Just for you're information, I know from personal experiences that a down hill horse could be change buy regular training, lack of training just like human exercises might result in down hill problems, if you take a look at human abdominal specially on mens you will find that if we let things go the billy will come out and the back will arc, same thing will happened with horses back.The best exercises for that is the trot for a period of 15 to 20 minutes head down with a good and fast stride that will push up the back of the horse, you have to strengthened the back muscles, this takes time and patience but the results will come.
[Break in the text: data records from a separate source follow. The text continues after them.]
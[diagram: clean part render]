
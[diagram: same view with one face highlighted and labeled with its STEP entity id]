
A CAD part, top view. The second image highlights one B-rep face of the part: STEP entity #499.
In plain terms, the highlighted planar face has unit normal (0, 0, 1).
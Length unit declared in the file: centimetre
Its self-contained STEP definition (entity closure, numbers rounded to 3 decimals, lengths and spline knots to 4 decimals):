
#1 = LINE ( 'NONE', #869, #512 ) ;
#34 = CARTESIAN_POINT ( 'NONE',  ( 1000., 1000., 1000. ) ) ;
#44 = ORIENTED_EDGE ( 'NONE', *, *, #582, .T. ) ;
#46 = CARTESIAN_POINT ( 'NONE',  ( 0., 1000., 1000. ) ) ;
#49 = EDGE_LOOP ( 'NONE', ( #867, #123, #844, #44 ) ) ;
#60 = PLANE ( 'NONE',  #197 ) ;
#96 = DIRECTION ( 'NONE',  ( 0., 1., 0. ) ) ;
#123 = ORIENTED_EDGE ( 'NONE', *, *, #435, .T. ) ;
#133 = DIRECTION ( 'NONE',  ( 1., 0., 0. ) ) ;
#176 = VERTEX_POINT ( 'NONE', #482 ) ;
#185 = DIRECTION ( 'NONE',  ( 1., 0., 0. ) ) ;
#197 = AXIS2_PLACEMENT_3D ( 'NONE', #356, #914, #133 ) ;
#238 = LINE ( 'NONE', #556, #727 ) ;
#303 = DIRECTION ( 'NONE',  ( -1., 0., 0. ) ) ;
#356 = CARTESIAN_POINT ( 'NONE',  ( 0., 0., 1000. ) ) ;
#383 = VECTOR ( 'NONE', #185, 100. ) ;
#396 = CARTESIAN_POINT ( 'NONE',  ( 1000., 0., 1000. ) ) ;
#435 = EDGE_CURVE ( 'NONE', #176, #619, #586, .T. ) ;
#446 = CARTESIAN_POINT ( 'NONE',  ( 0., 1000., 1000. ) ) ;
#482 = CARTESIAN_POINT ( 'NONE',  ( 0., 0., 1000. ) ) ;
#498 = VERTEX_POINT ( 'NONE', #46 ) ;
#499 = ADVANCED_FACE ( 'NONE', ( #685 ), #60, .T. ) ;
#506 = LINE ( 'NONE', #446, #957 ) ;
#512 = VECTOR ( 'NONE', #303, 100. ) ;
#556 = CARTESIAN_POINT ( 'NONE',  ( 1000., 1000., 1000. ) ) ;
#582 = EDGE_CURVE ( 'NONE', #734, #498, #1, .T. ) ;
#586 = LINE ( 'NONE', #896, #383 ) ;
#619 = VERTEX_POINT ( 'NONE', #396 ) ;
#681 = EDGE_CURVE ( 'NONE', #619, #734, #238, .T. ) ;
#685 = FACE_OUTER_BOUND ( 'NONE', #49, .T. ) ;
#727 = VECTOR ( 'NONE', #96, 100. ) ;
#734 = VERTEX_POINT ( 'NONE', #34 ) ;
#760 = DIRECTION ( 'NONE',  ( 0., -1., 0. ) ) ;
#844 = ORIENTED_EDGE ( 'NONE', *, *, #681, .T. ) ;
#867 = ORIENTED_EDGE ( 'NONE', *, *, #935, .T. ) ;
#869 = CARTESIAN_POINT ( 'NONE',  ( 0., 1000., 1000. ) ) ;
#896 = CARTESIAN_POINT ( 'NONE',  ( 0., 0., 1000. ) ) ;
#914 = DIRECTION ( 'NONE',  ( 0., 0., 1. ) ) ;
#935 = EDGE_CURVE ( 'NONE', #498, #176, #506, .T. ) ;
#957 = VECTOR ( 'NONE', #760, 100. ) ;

I bought a QH mare in 2005 she was 4 years hold she had that problem even the owner thought nothing could be done 6 months after she looked gorgeous, she still looks good today.

Regards

Johnny.

Johnny,

You bring up an excellent point but there is a difference between the horses’ actual conformation and a pathology created by poor riding. If a horse has been improperly ridden it will drop the base of its’ neck. A tie down is an automatic way of producing this sort of pathology. This to me is what makes the difference between being a saddle maker or an upholsterer. A saddle maker will know the difference between the actual conformation and pathology. You can’t actually change how downhill the horse is any more than you could change how tall someone actually is, but, as your experience has taught you, you certainly can correct poor posture which will then give an accurate measure of how tall someone is. I understand what you mean when you say strengthen the top line but what is actually happening is that you are releasing the top line a strengthening the under line.